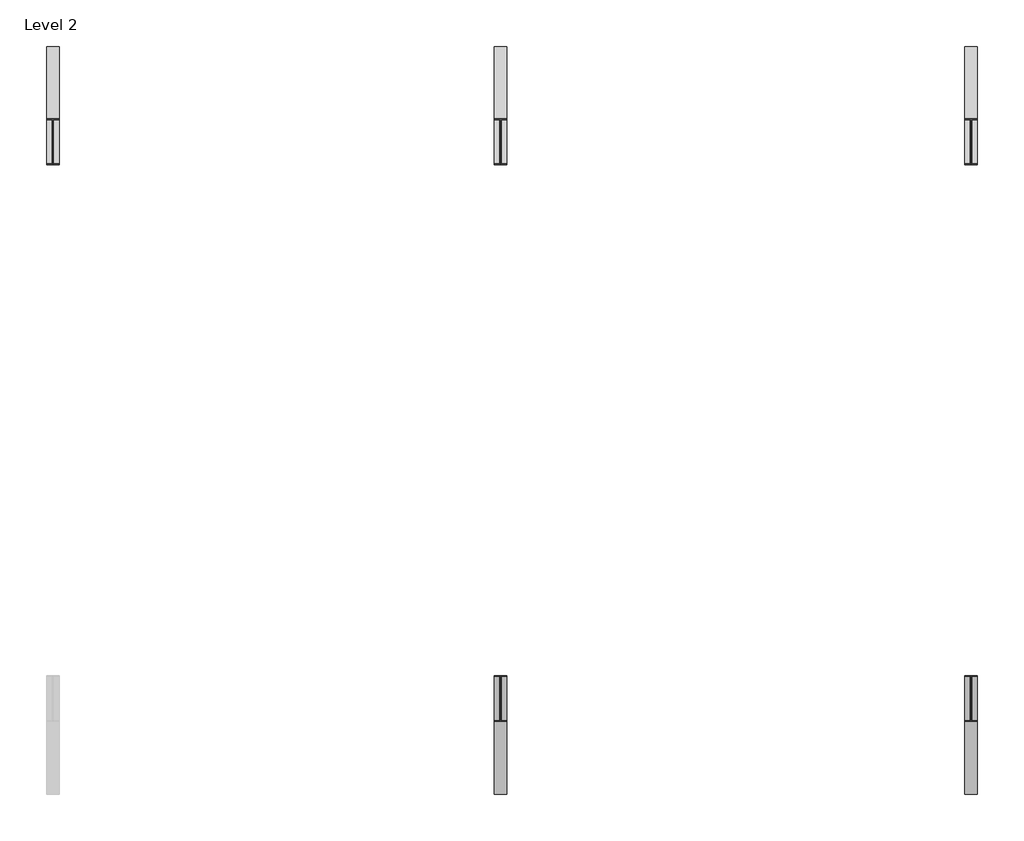
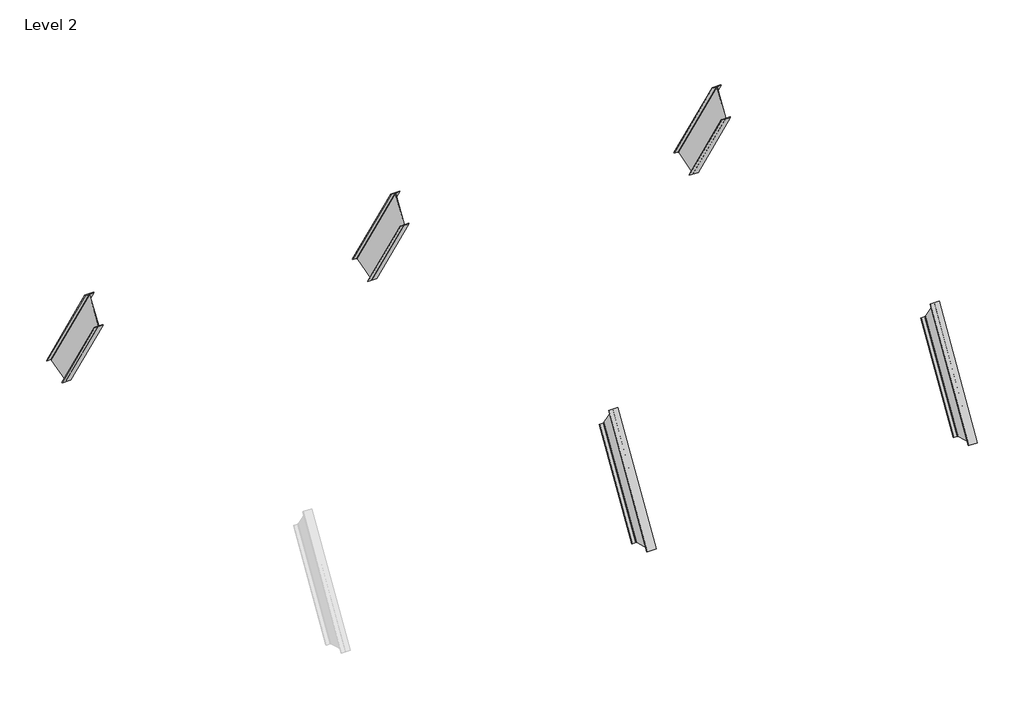
# One storey, part 2 of 2: 5 beams.
"""IFC4 building model written with IfcOpenShell, lengths in millimetres."""

from ifc_helpers import new_model, si_unit, frame, origin, place, context, project, spatial, polyline, ellipse_curve, element, save
from ifc_brep_helpers import plane_surface, revolved_surface, advanced_brep

model = new_model("IFC4")

# Units and contexts
model_context = context("Model", 3, world=origin())
ifc_project = project(units=[si_unit("LENGTHUNIT", "METRE", prefix="MILLI")], contexts=[model_context])

# Site, building, storey
site = spatial("IfcSite", under=ifc_project)
building = spatial("IfcBuilding", under=site)
storey = spatial("IfcBuildingStorey", under=building, Name="Level 2", Elevation=3048.0)

# Beams
placement = place(None, origin())
element("IfcBeam", 1, ObjectType="W Shapes : W 6X18.5", at=placement, inside=storey, context=model_context, shape_type="AdvancedBrep", body=[
    advanced_brep(
    [(28967.3280052, 10139.0601337, 4314.3781499), (29032.9870052, 10139.0601337, 4314.3781499), (29032.9870052, 11123.4136018, 2696.9143292), (28967.3280052, 11123.4136018, 2696.9143292), (28959.7080052, 10143.6843616, 4321.4371423), (28959.7080052, 11131.0336533, 2699.0506628), (28959.7080052, 10407.8819145, 4724.7409096), (28959.7080052, 11566.3925949, 2821.106522), (28967.3280052, 10412.5061424, 4731.799902), (28967.3280052, 11574.0126464, 2823.2428556), (29032.9870052, 10412.5061424, 4731.799902), (29032.9870052, 11574.0126464, 2823.2428556), (29032.9870052, 10418.3634977, 4740.7412924), (29032.9870052, 11583.6647116, 2825.9488782), (28880.5870052, 10418.3634977, 4740.7412924), (28880.5870052, 11583.6647116, 2825.9488782), (28880.5870052, 10412.5061424, 4731.799902), (28880.5870052, 11574.0126464, 2823.2428556), (28946.2460052, 10412.5061424, 4731.799902), (28946.2460052, 11574.0126464, 2823.2428556), (28953.8660052, 10407.8819145, 4724.7409096), (28953.8660052, 11566.3925949, 2821.106522), (28953.8660052, 10143.6843616, 4321.4371423), (28953.8660052, 11131.0336533, 2699.0506628), (28946.2460052, 10139.0601337, 4314.3781499), (28946.2460052, 11123.4136018, 2696.9143292), (28880.5870052, 10139.0601337, 4314.3781499), (28880.5870052, 11123.4136018, 2696.9143292), (28880.5870052, 10133.2027784, 4305.4367595), (28880.5870052, 11113.7615366, 2694.2083066), (29032.9870052, 10133.2027784, 4305.4367595), (29032.9870052, 11113.7615366, 2694.2083066)],
    [
        (0, 1),
        (1, 2),
        (2, 3),
        (3, 0),
        (4, 0, ellipse_curve(frame((28967.3280052, 10143.6843616, 4321.4371423), z_axis=(0.0, -0.836495308057375, 0.5479740866117643), x_axis=(0.0, -0.5479740866117645, -0.8364953080573748)), 8.4387711, 7.62)),
        (3, 5, ellipse_curve(frame((28967.3280052, 11131.0336533, 2699.0506628), z_axis=(0.0, 0.26994852802482067, -0.9628747541696338), x_axis=(0.0, 0.9628747541696336, 0.269948528024821)), 7.9138553, 7.62)),
        (5, 4),
        (6, 4),
        (5, 7),
        (7, 6),
        (8, 6, ellipse_curve(frame((28967.3280052, 10407.8819145, 4724.7409096), z_axis=(0.0, -0.836495308057375, 0.5479740866117643), x_axis=(0.0, -0.5479740866117645, -0.8364953080573748)), 8.4387711, 7.62)),
        (7, 9, ellipse_curve(frame((28967.3280052, 11566.3925949, 2821.106522), z_axis=(0.0, 0.26994852802482067, -0.9628747541696338), x_axis=(0.0, 0.9628747541696336, 0.269948528024821)), 7.9138553, 7.62)),
        (9, 8),
        (10, 8),
        (9, 11),
        (11, 10),
        (12, 10),
        (11, 13),
        (13, 12),
        (14, 12),
        (13, 15),
        (15, 14),
        (16, 14),
        (15, 17),
        (17, 16),
        (18, 16),
        (17, 19),
        (19, 18),
        (20, 18, ellipse_curve(frame((28946.2460052, 10407.8819145, 4724.7409096), z_axis=(0.0, -0.836495308057375, 0.5479740866117643), x_axis=(0.0, -0.5479740866117645, -0.8364953080573748)), 8.4387711, 7.62)),
        (19, 21, ellipse_curve(frame((28946.2460052, 11566.3925949, 2821.106522), z_axis=(0.0, 0.26994852802482067, -0.9628747541696338), x_axis=(0.0, 0.9628747541696336, 0.269948528024821)), 7.9138553, 7.62)),
        (21, 20),
        (22, 20),
        (21, 23),
        (23, 22),
        (24, 22, ellipse_curve(frame((28946.2460052, 10143.6843616, 4321.4371423), z_axis=(0.0, -0.836495308057375, 0.5479740866117643), x_axis=(0.0, -0.5479740866117645, -0.8364953080573748)), 8.4387711, 7.62)),
        (23, 25, ellipse_curve(frame((28946.2460052, 11131.0336533, 2699.0506628), z_axis=(0.0, 0.26994852802482067, -0.9628747541696338), x_axis=(0.0, 0.9628747541696336, 0.269948528024821)), 7.9138553, 7.62)),
        (25, 24),
        (26, 24),
        (25, 27),
        (27, 26),
        (28, 26),
        (27, 29),
        (29, 28),
        (30, 28),
        (29, 31),
        (31, 30),
        (1, 30),
        (31, 2),
    ],
    [
        plane_surface(frame((29032.9870052, 10025.1990543, 4501.4716915), z_axis=(0.0, 0.8542430559708922, 0.5198738321222864), x_axis=(0.0, 0.5198738321222864, -0.8542430559708922))),
        revolved_surface(polyline([(28959.708005200002, 11132.144372669503, 2697.225557775976), (28959.708005200002, 10141.799257339859, 4324.534696094065)]), (28967.3280052, 10031.7083863, 4505.4331301), (0.0, 0.5198738321222863, -0.8542430559708921)),
        plane_surface(frame((28959.7080052, 10031.7083863, 4505.4331301), z_axis=(1.0000000000000002, 0.0, 0.0), x_axis=(0.0, 0.5198738321222864, -0.8542430559708922))),
        revolved_surface(polyline([(28959.708005200002, 11567.50331433201, 2819.281417010493), (28959.708005200002, 10405.996810289686, 4727.8384634243885)]), (28967.3280052, 10403.6082262, 4731.7633222), (0.0, 0.5198738321222863, -0.8542430559708921)),
        plane_surface(frame((28967.3280052, 10410.1175583, 4735.7247608), z_axis=(0.0, -0.8542430559708922, -0.5198738321222864), x_axis=(0.0, 0.5198738321222864, -0.8542430559708922))),
        plane_surface(frame((29032.9870052, 10410.1175583, 4735.7247608), z_axis=(1.0000000000000002, 0.0, 0.0), x_axis=(0.0, 0.5198738321222864, -0.8542430559708922))),
        plane_surface(frame((29032.9870052, 10418.3627123, 4740.742583), z_axis=(0.0, 0.8542430559708922, 0.5198738321222864), x_axis=(0.0, 0.5198738321222864, -0.8542430559708922))),
        plane_surface(frame((28880.5870052, 10418.3627123, 4740.742583), z_axis=(-1.0000000000000002, 0.0, 0.0), x_axis=(0.0, 0.5198738321222864, -0.8542430559708922))),
        plane_surface(frame((28880.5870052, 10410.1175583, 4735.7247608), z_axis=(0.0, -0.8542430559708922, -0.5198738321222864), x_axis=(0.0, 0.5198738321222864, -0.8542430559708922))),
        revolved_surface(polyline([(28938.6260052, 11567.50331433201, 2819.281417010493), (28938.6260052, 10405.996810289686, 4727.8384634243885)]), (28946.2460052, 10403.6082262, 4731.7633222), (0.0, 0.5198738321222863, -0.8542430559708921)),
        plane_surface(frame((28953.8660052, 10403.6082262, 4731.7633222), z_axis=(-1.0000000000000002, 0.0, 0.0), x_axis=(0.0, 0.5198738321222864, -0.8542430559708922))),
        revolved_surface(polyline([(28938.6260052, 11132.144372669503, 2697.225557775976), (28938.6260052, 10141.799257339859, 4324.534696094065)]), (28946.2460052, 10031.7083863, 4505.4331301), (0.0, 0.5198738321222863, -0.8542430559708921)),
        plane_surface(frame((28946.2460052, 10025.1990543, 4501.4716915), z_axis=(0.0, 0.8542430559708922, 0.5198738321222864), x_axis=(0.0, 0.5198738321222864, -0.8542430559708922))),
        plane_surface(frame((28880.5870052, 10025.1990543, 4501.4716915), z_axis=(-1.0000000000000002, 0.0, 0.0), x_axis=(0.0, 0.5198738321222864, -0.8542430559708922))),
        plane_surface(frame((28880.5870052, 10016.9539003, 4496.4538693), z_axis=(0.0, -0.8542430559708922, -0.5198738321222864), x_axis=(0.0, 0.5198738321222864, -0.8542430559708922))),
        plane_surface(frame((29032.9870052, 10016.9539003, 4496.4538693), z_axis=(1.0000000000000002, 0.0, 0.0), x_axis=(0.0, 0.5198738321222864, -0.8542430559708922))),
        plane_surface(frame((28956.7905771, 10418.3654245, 4740.7442336), z_axis=(0.0, -0.836495308057375, 0.5479740866117643), x_axis=(1.0, 0.0, 0.0))),
        plane_surface(frame((31332.3254456, 11714.3703228, 2862.5930909), z_axis=(0.0, 0.26994852802482067, -0.9628747541696338), x_axis=(-1.0, 0.0, 0.0))),
    ],
    [
        (0, [[1, 2, 3, 4]]),
        (1, [[5, -4, 6, 7]]),
        (2, [[8, -7, 9, 10]]),
        (3, [[11, -10, 12, 13]]),
        (4, [[14, -13, 15, 16]]),
        (5, [[17, -16, 18, 19]]),
        (6, [[20, -19, 21, 22]]),
        (7, [[23, -22, 24, 25]]),
        (8, [[26, -25, 27, 28]]),
        (9, [[29, -28, 30, 31]]),
        (10, [[32, -31, 33, 34]]),
        (11, [[35, -34, 36, 37]]),
        (12, [[38, -37, 39, 40]]),
        (13, [[41, -40, 42, 43]]),
        (14, [[44, -43, 45, 46]]),
        (15, [[47, -46, 48, -2]]),
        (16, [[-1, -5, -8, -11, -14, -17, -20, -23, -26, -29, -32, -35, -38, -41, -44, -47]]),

About this exercise: All lines above with the word "element" need to be reported.

Solution to this problem:
from ifc_helpers import new_model, si_unit, frame, origin, place, context, project, spatial, polyline, ellipse_curve, element, save
element("IfcBeam", 1, ObjectType="W Shapes : W 6X18.5", at=placement, inside=storey, context=model_context, shape_type="AdvancedBrep", body=[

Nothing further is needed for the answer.